Também Jorge Valsassina Galveias recorda um episódio no mínimo rocambolesco: "Estava em Mafra, na Escola Prática de Infantaria, e a 48 horas de "passar à peluda" (sair da tropa), sou chamado ao gabinete do comandante, que pediu para me apresentar no dia seguinte no Quartel Mestre General, para falar com Saraiva de Carvalho". Assim foi. Pontual, "o ordenança bate à porta, entro e apresento-me. Otelo estava de pé, de costas para a porta. Virou-se e entregou-me um papel, nada mais, nada menos do que um mandado de captura para o meu pai. Só tinha uma solução, usar um artigo que, se bem me lembro, permitia cinco dias de férias sem ter de apresentar justificação".

Jorge tinha então 23 anos, era 1975. Perante a situação, "foi fazer a trouxa e partir para o Rio de Janeiro". O motivo do mandado foi a produção do filme que publicitava a manifestação da Maioria Silenciosa - "campanha devidamente autorizada pelo major Sanches Osório, então com a pasta da Comunicação Social. Foi a altura da famosa Lista da Matança da Páscoa, do Campo Pequeno".

Otelo reconheceria mais tarde que a questão dos decretos foi o verdadeiro rastilho para a criação do Movimento dos Capitães. A 28 de agosto de 1973, 51 oficiais em comissão de serviço na Guiné reagem, enviando uma exposição ao presidente da República, ao presidente do Conselho e ao ministro da Defesa. As assinaturas foram recolhidas por Otelo.

A última reunião em que Otelo participa na Guiné acontece a 13 de setembro. Regressaria à Metrópole três dias depois, exatamente quando completava três anos. A sua missão inicial é ser porta-voz das reivindicações e propostas dos capitães em serviço na Guiné.

Na Metrópole, Vasco Lourenço e outros organizam um encontro secreto num monte na Alcáçovas, em Évora, que marcou o início do Movimento dos Capitães.

Em 1970 Otelo tinha comprado um apartamento em Oeiras e, por esse motivo, pediu colocação numa unidade militar da linha do Estoril. Mas soube que estava requisitado para a Escola Prática de Artilharia, em Torres Novas. Más noticias.

Como a casa de Oeiras não estava pronta, Otelo e a família instalaram-se na Messe de Oficiais de Santa Clara, em Lisboa.

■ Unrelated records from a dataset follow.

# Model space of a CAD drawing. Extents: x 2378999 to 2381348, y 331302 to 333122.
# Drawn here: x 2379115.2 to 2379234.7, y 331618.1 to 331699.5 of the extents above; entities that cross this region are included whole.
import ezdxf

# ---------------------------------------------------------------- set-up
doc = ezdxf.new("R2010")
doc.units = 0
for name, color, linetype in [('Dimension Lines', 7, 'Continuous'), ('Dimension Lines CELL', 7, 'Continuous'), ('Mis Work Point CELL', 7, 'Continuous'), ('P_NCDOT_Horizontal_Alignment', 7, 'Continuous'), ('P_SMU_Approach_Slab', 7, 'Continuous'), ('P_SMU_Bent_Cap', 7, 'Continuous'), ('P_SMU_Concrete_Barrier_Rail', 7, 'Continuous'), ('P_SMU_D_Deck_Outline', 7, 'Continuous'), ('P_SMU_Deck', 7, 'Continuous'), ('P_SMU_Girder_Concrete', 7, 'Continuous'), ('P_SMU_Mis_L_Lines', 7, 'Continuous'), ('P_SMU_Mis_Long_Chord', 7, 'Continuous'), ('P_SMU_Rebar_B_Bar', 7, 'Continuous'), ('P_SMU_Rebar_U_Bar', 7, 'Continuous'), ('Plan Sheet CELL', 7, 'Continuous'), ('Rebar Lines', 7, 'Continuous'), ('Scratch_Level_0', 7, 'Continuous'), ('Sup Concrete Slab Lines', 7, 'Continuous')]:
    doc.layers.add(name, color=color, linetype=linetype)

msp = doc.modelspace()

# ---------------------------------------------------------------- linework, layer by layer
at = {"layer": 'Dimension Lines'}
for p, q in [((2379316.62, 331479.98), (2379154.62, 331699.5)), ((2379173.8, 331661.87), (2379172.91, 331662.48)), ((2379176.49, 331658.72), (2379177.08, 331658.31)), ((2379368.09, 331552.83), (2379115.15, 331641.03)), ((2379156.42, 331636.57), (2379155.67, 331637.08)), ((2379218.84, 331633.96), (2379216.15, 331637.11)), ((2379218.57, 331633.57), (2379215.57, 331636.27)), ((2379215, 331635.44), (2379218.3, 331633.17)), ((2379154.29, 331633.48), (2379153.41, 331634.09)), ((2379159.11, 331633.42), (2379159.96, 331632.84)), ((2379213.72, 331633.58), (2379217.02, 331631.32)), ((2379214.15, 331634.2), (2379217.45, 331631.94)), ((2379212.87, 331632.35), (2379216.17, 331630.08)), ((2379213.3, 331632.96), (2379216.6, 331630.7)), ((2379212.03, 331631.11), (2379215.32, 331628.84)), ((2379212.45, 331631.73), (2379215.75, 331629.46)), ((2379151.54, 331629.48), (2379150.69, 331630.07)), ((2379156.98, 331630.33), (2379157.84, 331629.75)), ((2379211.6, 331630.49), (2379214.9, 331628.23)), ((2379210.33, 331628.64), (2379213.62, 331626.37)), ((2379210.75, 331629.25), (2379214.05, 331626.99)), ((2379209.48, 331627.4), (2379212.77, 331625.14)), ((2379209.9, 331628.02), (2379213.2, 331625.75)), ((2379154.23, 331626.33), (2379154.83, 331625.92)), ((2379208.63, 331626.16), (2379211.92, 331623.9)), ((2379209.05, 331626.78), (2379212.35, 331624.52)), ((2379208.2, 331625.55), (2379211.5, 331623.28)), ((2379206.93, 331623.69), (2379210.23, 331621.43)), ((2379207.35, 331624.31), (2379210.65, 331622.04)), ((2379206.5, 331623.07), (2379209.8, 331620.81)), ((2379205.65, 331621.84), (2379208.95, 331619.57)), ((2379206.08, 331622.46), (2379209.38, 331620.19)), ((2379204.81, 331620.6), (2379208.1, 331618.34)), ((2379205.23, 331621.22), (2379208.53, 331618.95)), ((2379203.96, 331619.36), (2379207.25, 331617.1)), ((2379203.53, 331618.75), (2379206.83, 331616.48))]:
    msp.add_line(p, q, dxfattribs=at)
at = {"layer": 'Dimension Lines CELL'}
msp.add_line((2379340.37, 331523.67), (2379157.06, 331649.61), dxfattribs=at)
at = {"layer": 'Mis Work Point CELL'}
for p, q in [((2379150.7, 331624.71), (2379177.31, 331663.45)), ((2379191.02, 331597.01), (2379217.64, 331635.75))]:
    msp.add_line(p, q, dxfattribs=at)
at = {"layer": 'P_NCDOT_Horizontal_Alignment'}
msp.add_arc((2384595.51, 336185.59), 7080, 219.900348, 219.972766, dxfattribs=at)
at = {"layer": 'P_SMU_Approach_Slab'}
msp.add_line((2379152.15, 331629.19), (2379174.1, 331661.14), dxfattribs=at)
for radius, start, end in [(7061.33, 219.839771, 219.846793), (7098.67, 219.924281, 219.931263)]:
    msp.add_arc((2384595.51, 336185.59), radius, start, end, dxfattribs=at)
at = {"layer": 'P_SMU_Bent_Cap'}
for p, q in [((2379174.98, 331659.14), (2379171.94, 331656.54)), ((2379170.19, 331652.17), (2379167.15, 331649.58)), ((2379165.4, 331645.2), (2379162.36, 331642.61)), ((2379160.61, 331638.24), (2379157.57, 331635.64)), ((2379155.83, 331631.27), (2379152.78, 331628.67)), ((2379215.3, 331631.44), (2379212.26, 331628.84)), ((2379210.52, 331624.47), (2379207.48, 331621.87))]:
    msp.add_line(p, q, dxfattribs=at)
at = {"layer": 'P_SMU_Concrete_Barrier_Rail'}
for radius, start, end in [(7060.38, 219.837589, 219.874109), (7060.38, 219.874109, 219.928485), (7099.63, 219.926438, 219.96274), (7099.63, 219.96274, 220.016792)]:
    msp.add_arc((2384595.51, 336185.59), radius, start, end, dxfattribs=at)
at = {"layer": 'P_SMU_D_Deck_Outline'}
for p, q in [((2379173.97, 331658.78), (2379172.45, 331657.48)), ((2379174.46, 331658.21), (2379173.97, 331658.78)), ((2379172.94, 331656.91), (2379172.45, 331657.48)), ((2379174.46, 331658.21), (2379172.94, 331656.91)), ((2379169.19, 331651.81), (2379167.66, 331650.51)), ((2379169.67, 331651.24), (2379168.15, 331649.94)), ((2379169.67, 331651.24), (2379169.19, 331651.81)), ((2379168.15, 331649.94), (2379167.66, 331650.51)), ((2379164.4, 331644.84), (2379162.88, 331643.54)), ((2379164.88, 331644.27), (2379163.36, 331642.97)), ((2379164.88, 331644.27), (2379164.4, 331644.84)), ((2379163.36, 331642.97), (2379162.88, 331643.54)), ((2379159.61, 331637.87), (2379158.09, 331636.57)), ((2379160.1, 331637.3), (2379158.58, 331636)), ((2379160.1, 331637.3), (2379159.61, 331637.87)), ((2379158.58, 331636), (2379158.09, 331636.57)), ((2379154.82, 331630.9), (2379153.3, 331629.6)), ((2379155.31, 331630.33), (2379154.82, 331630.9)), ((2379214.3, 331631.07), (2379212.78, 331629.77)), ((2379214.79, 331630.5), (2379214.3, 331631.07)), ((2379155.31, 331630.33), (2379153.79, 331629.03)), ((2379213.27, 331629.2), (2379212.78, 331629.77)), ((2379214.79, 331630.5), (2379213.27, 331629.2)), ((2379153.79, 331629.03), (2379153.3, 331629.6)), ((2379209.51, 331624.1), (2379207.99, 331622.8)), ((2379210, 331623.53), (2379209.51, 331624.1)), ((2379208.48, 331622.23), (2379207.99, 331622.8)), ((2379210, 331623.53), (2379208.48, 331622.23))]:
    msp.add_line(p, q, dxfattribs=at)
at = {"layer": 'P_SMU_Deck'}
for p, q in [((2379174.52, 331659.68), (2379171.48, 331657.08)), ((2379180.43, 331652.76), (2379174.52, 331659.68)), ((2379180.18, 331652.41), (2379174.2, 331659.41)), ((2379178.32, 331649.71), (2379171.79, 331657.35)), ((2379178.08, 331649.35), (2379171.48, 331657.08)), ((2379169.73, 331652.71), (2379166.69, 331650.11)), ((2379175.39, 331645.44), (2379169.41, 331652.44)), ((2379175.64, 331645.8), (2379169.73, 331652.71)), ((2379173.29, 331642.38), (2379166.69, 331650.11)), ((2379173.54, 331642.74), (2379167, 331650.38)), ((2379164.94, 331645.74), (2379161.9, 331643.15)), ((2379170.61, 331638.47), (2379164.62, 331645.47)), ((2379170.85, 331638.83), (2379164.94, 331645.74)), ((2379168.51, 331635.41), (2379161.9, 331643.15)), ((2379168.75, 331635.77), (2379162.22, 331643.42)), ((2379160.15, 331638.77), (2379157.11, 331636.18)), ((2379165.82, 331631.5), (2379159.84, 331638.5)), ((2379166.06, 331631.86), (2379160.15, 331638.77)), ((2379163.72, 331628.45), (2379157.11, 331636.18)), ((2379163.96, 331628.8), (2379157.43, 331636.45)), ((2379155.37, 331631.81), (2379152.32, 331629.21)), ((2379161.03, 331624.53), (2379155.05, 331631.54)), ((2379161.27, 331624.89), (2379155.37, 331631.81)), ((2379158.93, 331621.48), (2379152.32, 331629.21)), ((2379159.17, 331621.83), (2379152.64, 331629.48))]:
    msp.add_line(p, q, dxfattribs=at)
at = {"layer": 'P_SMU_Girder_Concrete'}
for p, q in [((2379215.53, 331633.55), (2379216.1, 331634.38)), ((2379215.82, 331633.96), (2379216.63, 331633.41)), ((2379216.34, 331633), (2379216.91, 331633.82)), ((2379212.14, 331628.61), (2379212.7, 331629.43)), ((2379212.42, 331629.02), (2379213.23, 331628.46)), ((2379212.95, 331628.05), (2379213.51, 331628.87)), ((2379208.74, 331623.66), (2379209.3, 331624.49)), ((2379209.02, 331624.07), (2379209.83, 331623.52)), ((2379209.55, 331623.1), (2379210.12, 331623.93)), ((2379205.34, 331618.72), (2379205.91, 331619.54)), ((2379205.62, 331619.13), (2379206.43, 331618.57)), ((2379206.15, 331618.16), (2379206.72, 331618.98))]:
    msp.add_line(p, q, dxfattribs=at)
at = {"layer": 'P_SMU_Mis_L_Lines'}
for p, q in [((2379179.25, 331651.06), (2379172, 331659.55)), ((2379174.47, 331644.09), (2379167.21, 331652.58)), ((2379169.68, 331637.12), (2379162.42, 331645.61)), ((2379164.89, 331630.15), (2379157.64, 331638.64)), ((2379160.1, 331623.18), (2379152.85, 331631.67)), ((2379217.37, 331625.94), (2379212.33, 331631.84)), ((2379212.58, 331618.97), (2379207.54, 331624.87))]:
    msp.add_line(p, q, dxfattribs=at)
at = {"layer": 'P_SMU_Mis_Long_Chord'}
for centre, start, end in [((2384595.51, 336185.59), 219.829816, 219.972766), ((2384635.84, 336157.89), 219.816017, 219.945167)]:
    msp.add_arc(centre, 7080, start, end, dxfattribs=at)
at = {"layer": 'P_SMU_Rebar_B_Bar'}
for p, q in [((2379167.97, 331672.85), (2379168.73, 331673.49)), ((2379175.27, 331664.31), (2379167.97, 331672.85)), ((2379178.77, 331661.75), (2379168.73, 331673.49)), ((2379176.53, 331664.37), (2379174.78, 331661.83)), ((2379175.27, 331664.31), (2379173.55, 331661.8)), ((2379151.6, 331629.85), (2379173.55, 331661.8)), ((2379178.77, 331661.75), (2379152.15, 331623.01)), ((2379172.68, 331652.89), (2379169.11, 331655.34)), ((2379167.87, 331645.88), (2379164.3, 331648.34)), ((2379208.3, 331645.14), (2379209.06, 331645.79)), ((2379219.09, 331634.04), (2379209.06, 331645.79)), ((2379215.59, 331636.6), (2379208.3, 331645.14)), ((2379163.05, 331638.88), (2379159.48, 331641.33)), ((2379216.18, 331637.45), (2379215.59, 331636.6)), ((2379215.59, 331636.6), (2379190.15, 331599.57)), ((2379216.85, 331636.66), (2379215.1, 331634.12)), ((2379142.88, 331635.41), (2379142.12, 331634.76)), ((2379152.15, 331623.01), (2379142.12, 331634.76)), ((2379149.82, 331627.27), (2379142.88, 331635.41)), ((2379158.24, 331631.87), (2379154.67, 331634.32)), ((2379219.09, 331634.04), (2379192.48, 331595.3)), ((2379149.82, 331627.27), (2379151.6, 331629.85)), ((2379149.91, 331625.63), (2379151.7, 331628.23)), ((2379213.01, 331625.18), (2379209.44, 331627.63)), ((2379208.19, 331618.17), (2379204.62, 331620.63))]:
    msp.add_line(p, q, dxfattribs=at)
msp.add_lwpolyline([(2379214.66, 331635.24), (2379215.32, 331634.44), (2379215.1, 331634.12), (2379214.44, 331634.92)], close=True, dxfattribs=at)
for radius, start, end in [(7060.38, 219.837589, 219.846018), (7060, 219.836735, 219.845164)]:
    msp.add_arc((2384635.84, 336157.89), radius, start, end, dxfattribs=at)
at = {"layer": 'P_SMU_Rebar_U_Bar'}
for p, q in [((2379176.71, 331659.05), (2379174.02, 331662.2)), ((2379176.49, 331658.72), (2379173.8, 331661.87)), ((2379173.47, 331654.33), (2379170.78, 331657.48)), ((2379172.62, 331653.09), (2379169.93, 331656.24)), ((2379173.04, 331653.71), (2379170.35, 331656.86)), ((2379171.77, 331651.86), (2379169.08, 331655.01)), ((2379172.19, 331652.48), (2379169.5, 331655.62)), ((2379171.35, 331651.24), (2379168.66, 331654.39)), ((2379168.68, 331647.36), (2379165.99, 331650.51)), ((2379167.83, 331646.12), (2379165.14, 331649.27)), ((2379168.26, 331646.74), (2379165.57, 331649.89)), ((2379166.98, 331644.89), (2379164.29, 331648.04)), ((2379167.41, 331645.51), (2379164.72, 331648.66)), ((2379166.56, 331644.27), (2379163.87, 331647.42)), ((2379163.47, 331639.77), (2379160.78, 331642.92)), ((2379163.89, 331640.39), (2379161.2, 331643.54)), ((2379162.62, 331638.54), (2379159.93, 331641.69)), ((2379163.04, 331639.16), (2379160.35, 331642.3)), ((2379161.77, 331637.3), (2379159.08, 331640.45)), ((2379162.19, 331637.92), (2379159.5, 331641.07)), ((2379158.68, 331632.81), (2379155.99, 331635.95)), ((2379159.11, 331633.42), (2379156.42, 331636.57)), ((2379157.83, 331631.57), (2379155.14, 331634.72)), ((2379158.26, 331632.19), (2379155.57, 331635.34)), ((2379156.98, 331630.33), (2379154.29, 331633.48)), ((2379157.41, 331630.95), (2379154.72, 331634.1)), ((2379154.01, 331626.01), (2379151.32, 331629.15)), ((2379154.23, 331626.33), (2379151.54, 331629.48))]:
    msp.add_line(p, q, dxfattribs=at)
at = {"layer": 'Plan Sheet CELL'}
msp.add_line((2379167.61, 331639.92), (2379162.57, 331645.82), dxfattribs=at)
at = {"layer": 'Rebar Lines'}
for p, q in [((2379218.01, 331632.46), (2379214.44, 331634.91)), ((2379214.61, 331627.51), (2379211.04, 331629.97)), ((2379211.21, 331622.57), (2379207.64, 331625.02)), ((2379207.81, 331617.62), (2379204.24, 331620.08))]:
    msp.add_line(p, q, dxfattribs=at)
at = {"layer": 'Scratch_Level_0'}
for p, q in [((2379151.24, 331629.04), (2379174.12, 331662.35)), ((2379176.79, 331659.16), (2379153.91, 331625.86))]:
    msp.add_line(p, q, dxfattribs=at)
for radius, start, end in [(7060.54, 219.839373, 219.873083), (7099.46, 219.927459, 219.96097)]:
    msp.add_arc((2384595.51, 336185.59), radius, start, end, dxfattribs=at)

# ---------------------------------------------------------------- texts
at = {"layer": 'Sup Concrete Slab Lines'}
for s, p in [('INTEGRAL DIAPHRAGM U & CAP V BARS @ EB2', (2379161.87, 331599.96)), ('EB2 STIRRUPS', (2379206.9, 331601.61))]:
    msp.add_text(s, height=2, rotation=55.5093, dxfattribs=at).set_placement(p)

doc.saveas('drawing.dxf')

Foi aí que o colocaram ao corrente das novidades em relação ao Movimento dos Capitães.

Em outubro, finalmente, a casa fica pronta, embora quase despojada de mobílias. Os amigos, nas muitas reuniões feitas em casa de Otelo, brincavam com as alcatifas enroladas a um canto, dizendo que quando estivessem colocadas, o regime já teria sido derrubado.

Foi à saída de uma destes encontros, em Aveiras, que no caminho para casa Otelo pergunta a Vasco Lourenço: "Não sei o que pensas, mas acho que podemos ir mais longe e criar condições para derrubar o governo". Vasco Lourenço concordou. O resto da história é conhecido: uns meses depois dá-se o 25 de Abril.